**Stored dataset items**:
⁂
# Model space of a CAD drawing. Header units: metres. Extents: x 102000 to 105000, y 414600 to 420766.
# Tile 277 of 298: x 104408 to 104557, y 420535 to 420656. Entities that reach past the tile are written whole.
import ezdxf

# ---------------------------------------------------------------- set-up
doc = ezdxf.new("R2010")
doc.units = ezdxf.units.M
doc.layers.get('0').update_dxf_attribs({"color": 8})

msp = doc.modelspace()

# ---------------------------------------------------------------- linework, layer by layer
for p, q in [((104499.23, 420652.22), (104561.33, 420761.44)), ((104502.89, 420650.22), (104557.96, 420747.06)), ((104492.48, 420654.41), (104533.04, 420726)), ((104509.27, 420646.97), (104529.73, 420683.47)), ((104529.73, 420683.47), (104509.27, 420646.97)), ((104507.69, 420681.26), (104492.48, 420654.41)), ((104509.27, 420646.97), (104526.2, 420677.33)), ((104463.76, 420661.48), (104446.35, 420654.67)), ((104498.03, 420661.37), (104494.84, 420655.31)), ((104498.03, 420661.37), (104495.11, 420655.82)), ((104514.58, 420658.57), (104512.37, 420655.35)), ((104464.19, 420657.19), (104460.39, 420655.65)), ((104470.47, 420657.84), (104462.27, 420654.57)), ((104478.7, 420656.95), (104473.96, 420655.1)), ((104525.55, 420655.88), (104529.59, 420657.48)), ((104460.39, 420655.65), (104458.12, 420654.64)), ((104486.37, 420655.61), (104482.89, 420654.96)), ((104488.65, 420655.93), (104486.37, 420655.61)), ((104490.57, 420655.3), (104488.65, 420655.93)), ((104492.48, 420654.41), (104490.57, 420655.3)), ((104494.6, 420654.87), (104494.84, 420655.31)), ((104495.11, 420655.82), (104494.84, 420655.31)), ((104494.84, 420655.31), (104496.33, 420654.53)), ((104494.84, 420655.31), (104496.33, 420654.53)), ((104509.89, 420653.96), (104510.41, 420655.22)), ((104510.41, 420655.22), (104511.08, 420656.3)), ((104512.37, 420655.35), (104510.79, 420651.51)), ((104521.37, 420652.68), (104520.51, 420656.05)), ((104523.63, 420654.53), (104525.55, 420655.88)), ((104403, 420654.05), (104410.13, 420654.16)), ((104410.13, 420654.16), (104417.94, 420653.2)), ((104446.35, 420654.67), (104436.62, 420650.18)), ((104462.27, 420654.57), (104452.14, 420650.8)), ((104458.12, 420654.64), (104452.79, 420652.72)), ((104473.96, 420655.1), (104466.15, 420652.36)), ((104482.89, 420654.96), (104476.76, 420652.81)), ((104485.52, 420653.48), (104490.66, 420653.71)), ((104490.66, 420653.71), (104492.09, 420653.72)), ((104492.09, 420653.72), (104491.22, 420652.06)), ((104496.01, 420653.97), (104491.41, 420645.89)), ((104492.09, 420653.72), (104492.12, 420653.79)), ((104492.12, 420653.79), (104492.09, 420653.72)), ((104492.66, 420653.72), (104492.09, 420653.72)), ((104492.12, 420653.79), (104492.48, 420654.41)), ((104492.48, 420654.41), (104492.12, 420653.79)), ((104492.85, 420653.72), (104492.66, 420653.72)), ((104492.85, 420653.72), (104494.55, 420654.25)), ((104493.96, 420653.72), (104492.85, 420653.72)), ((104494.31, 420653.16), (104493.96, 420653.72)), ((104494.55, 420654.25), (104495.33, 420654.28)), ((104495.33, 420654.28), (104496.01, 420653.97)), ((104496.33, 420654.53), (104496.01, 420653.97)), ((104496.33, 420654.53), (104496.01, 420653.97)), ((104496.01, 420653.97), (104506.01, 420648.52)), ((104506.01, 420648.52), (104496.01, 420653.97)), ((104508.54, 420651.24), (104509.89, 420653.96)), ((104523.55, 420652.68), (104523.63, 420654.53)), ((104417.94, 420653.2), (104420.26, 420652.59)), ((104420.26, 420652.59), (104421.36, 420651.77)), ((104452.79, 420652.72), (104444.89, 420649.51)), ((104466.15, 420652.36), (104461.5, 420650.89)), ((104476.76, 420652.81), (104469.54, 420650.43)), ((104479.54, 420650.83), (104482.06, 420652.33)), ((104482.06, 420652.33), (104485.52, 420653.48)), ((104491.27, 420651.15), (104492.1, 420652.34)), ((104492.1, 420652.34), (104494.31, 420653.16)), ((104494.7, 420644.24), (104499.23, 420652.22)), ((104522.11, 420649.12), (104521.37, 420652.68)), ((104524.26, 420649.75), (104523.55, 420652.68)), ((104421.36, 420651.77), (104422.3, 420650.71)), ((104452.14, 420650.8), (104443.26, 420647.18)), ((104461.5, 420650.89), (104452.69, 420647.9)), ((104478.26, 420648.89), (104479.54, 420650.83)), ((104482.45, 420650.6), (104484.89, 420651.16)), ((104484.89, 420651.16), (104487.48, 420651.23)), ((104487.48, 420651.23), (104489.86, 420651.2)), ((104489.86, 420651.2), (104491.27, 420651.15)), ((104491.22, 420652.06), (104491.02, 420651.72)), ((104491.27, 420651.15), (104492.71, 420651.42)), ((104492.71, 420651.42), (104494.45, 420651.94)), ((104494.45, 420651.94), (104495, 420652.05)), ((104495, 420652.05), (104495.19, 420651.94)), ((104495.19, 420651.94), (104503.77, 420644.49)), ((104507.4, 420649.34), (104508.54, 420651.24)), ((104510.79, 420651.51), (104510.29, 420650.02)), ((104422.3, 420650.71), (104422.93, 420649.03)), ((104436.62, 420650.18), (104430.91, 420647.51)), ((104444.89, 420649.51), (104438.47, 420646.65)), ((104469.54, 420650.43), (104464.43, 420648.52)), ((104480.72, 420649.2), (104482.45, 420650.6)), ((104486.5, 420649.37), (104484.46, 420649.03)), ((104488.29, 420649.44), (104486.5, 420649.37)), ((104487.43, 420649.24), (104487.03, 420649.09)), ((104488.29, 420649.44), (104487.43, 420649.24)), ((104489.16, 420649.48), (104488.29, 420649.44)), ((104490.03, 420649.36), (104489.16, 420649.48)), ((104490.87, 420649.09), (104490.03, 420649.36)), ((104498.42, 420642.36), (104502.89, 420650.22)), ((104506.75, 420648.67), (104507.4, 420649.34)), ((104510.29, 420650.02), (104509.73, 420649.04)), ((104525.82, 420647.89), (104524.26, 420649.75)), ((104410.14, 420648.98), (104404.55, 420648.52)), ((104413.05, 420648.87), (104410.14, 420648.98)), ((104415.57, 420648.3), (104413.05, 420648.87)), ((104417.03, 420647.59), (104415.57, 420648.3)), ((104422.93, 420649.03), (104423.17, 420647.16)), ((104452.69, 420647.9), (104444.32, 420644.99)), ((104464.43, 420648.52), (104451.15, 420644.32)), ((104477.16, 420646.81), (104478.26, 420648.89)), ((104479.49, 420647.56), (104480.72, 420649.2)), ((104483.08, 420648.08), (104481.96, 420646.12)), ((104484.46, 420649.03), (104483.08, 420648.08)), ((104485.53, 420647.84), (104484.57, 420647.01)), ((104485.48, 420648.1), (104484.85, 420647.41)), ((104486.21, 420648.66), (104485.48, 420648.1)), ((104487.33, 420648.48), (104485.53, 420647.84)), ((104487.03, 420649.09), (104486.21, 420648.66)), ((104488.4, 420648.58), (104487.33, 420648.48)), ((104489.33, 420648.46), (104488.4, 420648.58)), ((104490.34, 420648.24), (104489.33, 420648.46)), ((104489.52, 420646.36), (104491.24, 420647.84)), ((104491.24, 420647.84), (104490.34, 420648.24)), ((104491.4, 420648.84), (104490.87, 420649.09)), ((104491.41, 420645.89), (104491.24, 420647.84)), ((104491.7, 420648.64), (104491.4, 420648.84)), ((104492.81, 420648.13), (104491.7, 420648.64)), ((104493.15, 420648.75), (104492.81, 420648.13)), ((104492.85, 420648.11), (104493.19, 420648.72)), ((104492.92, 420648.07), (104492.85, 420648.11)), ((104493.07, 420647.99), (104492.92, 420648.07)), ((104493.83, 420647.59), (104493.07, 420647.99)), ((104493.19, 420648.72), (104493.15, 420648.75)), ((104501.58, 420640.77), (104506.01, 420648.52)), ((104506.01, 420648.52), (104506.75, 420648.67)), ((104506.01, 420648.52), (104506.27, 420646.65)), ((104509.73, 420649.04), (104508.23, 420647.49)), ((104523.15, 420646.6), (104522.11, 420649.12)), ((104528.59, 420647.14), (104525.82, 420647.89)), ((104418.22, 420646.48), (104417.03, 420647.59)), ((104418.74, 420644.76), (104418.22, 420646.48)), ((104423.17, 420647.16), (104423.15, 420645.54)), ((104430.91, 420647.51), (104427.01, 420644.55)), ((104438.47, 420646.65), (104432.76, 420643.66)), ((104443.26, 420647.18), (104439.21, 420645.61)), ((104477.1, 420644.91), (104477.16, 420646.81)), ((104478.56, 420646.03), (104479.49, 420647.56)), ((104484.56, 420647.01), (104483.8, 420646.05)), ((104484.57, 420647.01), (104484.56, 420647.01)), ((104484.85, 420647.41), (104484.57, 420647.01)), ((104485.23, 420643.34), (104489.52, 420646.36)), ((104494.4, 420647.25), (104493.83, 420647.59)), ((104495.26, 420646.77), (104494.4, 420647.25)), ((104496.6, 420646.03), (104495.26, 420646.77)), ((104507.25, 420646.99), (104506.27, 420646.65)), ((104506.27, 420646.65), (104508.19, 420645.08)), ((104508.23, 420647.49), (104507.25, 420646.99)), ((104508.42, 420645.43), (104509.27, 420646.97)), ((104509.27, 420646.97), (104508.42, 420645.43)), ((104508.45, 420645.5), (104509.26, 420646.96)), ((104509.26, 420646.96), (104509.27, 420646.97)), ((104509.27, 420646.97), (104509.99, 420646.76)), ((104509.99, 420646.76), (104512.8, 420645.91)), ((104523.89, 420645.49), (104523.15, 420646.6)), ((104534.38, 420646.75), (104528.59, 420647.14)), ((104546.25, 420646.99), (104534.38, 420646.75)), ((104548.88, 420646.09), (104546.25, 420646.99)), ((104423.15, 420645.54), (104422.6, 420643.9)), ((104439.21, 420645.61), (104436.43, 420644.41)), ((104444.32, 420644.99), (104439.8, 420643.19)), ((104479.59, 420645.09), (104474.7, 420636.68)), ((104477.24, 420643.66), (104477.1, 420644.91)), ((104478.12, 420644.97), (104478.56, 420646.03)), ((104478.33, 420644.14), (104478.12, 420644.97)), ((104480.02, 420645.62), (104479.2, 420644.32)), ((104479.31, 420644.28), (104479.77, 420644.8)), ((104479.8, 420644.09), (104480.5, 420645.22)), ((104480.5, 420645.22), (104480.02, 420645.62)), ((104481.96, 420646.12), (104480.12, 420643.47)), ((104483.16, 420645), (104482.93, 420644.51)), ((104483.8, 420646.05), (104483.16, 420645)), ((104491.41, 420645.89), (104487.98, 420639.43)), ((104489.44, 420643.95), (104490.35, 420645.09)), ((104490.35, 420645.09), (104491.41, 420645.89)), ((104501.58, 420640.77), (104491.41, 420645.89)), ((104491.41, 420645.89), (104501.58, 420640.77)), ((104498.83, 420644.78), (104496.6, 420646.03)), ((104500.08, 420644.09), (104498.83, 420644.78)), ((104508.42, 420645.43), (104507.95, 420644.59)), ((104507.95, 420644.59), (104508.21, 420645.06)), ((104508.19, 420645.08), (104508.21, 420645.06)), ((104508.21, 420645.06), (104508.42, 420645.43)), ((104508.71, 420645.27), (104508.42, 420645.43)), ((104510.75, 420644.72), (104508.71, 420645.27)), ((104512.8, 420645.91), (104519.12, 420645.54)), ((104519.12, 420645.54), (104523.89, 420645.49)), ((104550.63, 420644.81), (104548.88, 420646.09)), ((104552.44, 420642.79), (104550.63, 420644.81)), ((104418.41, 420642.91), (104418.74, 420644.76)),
⁂
**PROBLEM TO SOLVE**:
Please copy, exactly and with nothing else, the lines above beginning at the line that has "import ezdxf" and ending with the line that has "layer by layer".

**THE ANSWER**:
import ezdxf

# ---------------------------------------------------------------- set-up
doc = ezdxf.new("R2010")
doc.units = ezdxf.units.M
doc.layers.get('0').update_dxf_attribs({"color": 8})

msp = doc.modelspace()

# ---------------------------------------------------------------- linework, layer by layer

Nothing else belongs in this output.